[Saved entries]
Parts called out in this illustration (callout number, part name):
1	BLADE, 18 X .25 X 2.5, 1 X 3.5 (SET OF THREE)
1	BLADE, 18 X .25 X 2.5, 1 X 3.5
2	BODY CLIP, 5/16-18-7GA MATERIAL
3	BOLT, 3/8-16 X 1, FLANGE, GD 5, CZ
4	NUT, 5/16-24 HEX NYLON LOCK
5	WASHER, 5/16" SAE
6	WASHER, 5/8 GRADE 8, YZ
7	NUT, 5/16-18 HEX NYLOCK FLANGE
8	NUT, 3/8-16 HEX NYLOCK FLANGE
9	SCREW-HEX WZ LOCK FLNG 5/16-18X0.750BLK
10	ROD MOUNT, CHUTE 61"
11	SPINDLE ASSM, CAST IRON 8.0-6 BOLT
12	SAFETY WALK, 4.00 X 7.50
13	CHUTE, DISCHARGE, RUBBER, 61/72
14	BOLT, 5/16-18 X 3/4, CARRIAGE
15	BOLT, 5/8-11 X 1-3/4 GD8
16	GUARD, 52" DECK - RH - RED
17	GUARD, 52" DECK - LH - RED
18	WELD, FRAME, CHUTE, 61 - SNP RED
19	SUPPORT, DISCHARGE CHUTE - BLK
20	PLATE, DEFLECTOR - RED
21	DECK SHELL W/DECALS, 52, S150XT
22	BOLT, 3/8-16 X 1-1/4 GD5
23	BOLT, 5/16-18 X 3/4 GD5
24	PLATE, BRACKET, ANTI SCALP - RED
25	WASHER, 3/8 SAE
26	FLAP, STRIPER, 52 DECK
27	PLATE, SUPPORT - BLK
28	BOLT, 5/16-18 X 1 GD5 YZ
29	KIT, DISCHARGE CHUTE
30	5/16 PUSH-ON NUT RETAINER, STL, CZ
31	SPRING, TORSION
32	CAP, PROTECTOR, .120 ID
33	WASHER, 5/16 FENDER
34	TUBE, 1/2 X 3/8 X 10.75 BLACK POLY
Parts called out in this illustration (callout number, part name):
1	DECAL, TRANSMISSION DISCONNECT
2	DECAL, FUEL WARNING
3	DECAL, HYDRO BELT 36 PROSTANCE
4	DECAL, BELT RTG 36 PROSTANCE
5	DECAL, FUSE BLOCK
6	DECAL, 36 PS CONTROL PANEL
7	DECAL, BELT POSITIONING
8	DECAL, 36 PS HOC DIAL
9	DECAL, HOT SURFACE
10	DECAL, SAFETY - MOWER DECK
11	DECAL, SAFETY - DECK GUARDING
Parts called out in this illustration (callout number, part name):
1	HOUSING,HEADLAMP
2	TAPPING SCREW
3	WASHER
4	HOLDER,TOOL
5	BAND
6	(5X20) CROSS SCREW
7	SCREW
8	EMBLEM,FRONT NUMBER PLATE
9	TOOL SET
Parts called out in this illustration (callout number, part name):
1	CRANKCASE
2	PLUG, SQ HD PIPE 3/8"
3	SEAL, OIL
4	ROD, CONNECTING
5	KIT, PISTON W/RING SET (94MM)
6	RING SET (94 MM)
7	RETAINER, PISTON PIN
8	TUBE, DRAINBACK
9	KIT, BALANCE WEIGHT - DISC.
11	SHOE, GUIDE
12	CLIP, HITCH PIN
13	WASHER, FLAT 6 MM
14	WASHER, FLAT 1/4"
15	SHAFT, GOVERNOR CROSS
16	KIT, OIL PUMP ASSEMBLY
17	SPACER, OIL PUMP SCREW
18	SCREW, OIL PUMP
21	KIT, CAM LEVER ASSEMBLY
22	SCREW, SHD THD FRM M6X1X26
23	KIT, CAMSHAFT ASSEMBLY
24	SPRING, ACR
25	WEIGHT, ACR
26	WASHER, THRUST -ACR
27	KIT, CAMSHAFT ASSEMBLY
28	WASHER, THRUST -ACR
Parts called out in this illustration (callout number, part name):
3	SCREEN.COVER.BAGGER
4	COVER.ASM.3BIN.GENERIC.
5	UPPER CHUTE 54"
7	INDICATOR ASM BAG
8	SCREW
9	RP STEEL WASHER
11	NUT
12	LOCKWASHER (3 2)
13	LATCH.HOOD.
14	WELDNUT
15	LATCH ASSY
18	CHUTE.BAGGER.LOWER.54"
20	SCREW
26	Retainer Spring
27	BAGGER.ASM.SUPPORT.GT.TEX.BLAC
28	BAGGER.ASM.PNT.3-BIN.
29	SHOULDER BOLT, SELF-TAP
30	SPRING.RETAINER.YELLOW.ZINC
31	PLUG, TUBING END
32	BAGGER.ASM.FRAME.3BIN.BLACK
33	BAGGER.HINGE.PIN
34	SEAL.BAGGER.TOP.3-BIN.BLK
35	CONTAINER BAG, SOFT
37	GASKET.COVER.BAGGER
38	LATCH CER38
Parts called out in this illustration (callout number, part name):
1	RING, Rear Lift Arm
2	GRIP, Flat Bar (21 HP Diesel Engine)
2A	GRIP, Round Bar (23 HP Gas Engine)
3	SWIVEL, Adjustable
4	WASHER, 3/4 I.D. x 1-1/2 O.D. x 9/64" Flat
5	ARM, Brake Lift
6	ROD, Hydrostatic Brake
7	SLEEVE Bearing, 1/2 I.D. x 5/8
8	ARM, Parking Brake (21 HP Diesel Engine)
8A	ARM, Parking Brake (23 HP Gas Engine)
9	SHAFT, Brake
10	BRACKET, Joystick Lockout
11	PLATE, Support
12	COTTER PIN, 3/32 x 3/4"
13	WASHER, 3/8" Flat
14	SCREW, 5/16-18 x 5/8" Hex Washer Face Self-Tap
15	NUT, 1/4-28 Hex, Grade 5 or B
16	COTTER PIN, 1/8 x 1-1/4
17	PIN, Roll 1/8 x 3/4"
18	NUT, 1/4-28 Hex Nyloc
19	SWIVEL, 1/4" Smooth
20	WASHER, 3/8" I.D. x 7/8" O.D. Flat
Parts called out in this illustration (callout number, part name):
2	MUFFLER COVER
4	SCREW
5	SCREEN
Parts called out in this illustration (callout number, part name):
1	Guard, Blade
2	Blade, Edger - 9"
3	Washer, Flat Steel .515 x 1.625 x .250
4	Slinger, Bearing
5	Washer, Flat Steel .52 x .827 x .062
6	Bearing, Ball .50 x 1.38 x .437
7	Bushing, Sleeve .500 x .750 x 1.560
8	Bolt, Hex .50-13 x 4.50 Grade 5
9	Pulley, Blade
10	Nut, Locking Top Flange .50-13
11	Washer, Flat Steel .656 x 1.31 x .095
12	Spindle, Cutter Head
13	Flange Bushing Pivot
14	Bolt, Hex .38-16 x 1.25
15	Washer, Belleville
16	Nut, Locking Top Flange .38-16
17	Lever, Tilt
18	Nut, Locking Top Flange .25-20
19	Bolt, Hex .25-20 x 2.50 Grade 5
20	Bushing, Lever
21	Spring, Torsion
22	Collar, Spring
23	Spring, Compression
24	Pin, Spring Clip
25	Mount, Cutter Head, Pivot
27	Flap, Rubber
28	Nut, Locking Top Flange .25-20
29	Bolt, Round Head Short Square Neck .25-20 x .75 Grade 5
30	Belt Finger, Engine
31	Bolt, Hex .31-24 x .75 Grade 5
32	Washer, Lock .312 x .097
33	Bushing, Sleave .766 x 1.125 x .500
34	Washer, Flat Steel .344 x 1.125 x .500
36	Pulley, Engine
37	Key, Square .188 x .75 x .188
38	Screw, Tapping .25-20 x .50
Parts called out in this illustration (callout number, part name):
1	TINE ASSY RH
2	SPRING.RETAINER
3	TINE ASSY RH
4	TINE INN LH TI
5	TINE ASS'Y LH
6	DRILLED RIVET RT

*TASK DETAILS*.
The entries above are to be transcribed in full and without error.

*ANSWER TO THIS EXERCISE*.
Parts called out in this illustration (callout number, part name):
1	BLADE, 18 X .25 X 2.5, 1 X 3.5 (SET OF THREE)
1	BLADE, 18 X .25 X 2.5, 1 X 3.5
2	BODY CLIP, 5/16-18-7GA MATERIAL
3	BOLT, 3/8-16 X 1, FLANGE, GD 5, CZ
4	NUT, 5/16-24 HEX NYLON LOCK
5	WASHER, 5/16" SAE
6	WASHER, 5/8 GRADE 8, YZ
7	NUT, 5/16-18 HEX NYLOCK FLANGE
8	NUT, 3/8-16 HEX NYLOCK FLANGE
9	SCREW-HEX WZ LOCK FLNG 5/16-18X0.750BLK
10	ROD MOUNT, CHUTE 61"
11	SPINDLE ASSM, CAST IRON 8.0-6 BOLT
12	SAFETY WALK, 4.00 X 7.50
13	CHUTE, DISCHARGE, RUBBER, 61/72
14	BOLT, 5/16-18 X 3/4, CARRIAGE
15	BOLT, 5/8-11 X 1-3/4 GD8
16	GUARD, 52" DECK - RH - RED
17	GUARD, 52" DECK - LH - RED
18	WELD, FRAME, CHUTE, 61 - SNP RED
19	SUPPORT, DISCHARGE CHUTE - BLK
20	PLATE, DEFLECTOR - RED
21	DECK SHELL W/DECALS, 52, S150XT
22	BOLT, 3/8-16 X 1-1/4 GD5
23	BOLT, 5/16-18 X 3/4 GD5
24	PLATE, BRACKET, ANTI SCALP - RED
25	WASHER, 3/8 SAE
26	FLAP, STRIPER, 52 DECK
27	PLATE, SUPPORT - BLK
28	BOLT, 5/16-18 X 1 GD5 YZ
29	KIT, DISCHARGE CHUTE
30	5/16 PUSH-ON NUT RETAINER, STL, CZ
31	SPRING, TORSION
32	CAP, PROTECTOR, .120 ID
33	WASHER, 5/16 FENDER
34	TUBE, 1/2 X 3/8 X 10.75 BLACK POLY
Parts called out in this illustration (callout number, part name):
1	DECAL, TRANSMISSION DISCONNECT
2	DECAL, FUEL WARNING
3	DECAL, HYDRO BELT 36 PROSTANCE
4	DECAL, BELT RTG 36 PROSTANCE
5	DECAL, FUSE BLOCK
6	DECAL, 36 PS CONTROL PANEL
7	DECAL, BELT POSITIONING
8	DECAL, 36 PS HOC DIAL
9	DECAL, HOT SURFACE
10	DECAL, SAFETY - MOWER DECK
11	DECAL, SAFETY - DECK GUARDING
Parts called out in this illustration (callout number, part name):
1	HOUSING,HEADLAMP
2	TAPPING SCREW
3	WASHER
4	HOLDER,TOOL
5	BAND
6	(5X20) CROSS SCREW
7	SCREW
8	EMBLEM,FRONT NUMBER PLATE
9	TOOL SET
Parts called out in this illustration (callout number, part name):
1	CRANKCASE
2	PLUG, SQ HD PIPE 3/8"
3	SEAL, OIL
4	ROD, CONNECTING
5	KIT, PISTON W/RING SET (94MM)
6	RING SET (94 MM)
7	RETAINER, PISTON PIN
8	TUBE, DRAINBACK
9	KIT, BALANCE WEIGHT - DISC.
11	SHOE, GUIDE
12	CLIP, HITCH PIN
13	WASHER, FLAT 6 MM
14	WASHER, FLAT 1/4"
15	SHAFT, GOVERNOR CROSS
16	KIT, OIL PUMP ASSEMBLY
17	SPACER, OIL PUMP SCREW
18	SCREW, OIL PUMP
21	KIT, CAM LEVER ASSEMBLY
22	SCREW, SHD THD FRM M6X1X26
23	KIT, CAMSHAFT ASSEMBLY
24	SPRING, ACR
25	WEIGHT, ACR
26	WASHER, THRUST -ACR
27	KIT, CAMSHAFT ASSEMBLY
28	WASHER, THRUST -ACR
Parts called out in this illustration (callout number, part name):
3	SCREEN.COVER.BAGGER
4	COVER.ASM.3BIN.GENERIC.
5	UPPER CHUTE 54"
7	INDICATOR ASM BAG
8	SCREW
9	RP STEEL WASHER
11	NUT
12	LOCKWASHER (3 2)
13	LATCH.HOOD.
14	WELDNUT
15	LATCH ASSY
18	CHUTE.BAGGER.LOWER.54"
20	SCREW
26	Retainer Spring
27	BAGGER.ASM.SUPPORT.GT.TEX.BLAC
28	BAGGER.ASM.PNT.3-BIN.
29	SHOULDER BOLT, SELF-TAP
30	SPRING.RETAINER.YELLOW.ZINC
31	PLUG, TUBING END
32	BAGGER.ASM.FRAME.3BIN.BLACK
33	BAGGER.HINGE.PIN
34	SEAL.BAGGER.TOP.3-BIN.BLK
35	CONTAINER BAG, SOFT
37	GASKET.COVER.BAGGER
38	LATCH CER38
Parts called out in this illustration (callout number, part name):
1	RING, Rear Lift Arm
2	GRIP, Flat Bar (21 HP Diesel Engine)
2A	GRIP, Round Bar (23 HP Gas Engine)
3	SWIVEL, Adjustable
4	WASHER, 3/4 I.D. x 1-1/2 O.D. x 9/64" Flat
5	ARM, Brake Lift
6	ROD, Hydrostatic Brake
7	SLEEVE Bearing, 1/2 I.D. x 5/8
8	ARM, Parking Brake (21 HP Diesel Engine)
8A	ARM, Parking Brake (23 HP Gas Engine)
9	SHAFT, Brake
10	BRACKET, Joystick Lockout
11	PLATE, Support
12	COTTER PIN, 3/32 x 3/4"
13	WASHER, 3/8" Flat
14	SCREW, 5/16-18 x 5/8" Hex Washer Face Self-Tap
15	NUT, 1/4-28 Hex, Grade 5 or B
16	COTTER PIN, 1/8 x 1-1/4
17	PIN, Roll 1/8 x 3/4"
18	NUT, 1/4-28 Hex Nyloc
19	SWIVEL, 1/4" Smooth
20	WASHER, 3/8" I.D. x 7/8" O.D. Flat
Parts called out in this illustration (callout number, part name):
2	MUFFLER COVER
4	SCREW
5	SCREEN
Parts called out in this illustration (callout number, part name):
1	Guard, Blade
2	Blade, Edger - 9"
3	Washer, Flat Steel .515 x 1.625 x .250
4	Slinger, Bearing
5	Washer, Flat Steel .52 x .827 x .062
6	Bearing, Ball .50 x 1.38 x .437
7	Bushing, Sleeve .500 x .750 x 1.560
8	Bolt, Hex .50-13 x 4.50 Grade 5
9	Pulley, Blade
10	Nut, Locking Top Flange .50-13
11	Washer, Flat Steel .656 x 1.31 x .095
12	Spindle, Cutter Head
13	Flange Bushing Pivot
14	Bolt, Hex .38-16 x 1.25
15	Washer, Belleville
16	Nut, Locking Top Flange .38-16
17	Lever, Tilt
18	Nut, Locking Top Flange .25-20
19	Bolt, Hex .25-20 x 2.50 Grade 5
20	Bushing, Lever
21	Spring, Torsion
22	Collar, Spring
23	Spring, Compression
24	Pin, Spring Clip
25	Mount, Cutter Head, Pivot
27	Flap, Rubber
28	Nut, Locking Top Flange .25-20
29	Bolt, Round Head Short Square Neck .25-20 x .75 Grade 5
30	Belt Finger, Engine
31	Bolt, Hex .31-24 x .75 Grade 5
32	Washer, Lock .312 x .097
33	Bushing, Sleave .766 x 1.125 x .500
34	Washer, Flat Steel .344 x 1.125 x .500
36	Pulley, Engine
37	Key, Square .188 x .75 x .188
38	Screw, Tapping .25-20 x .50
Parts called out in this illustration (callout number, part name):
1	TINE ASSY RH
2	SPRING.RETAINER
3	TINE ASSY RH
4	TINE INN LH TI
5	TINE ASS'Y LH
6	DRILLED RIVET RT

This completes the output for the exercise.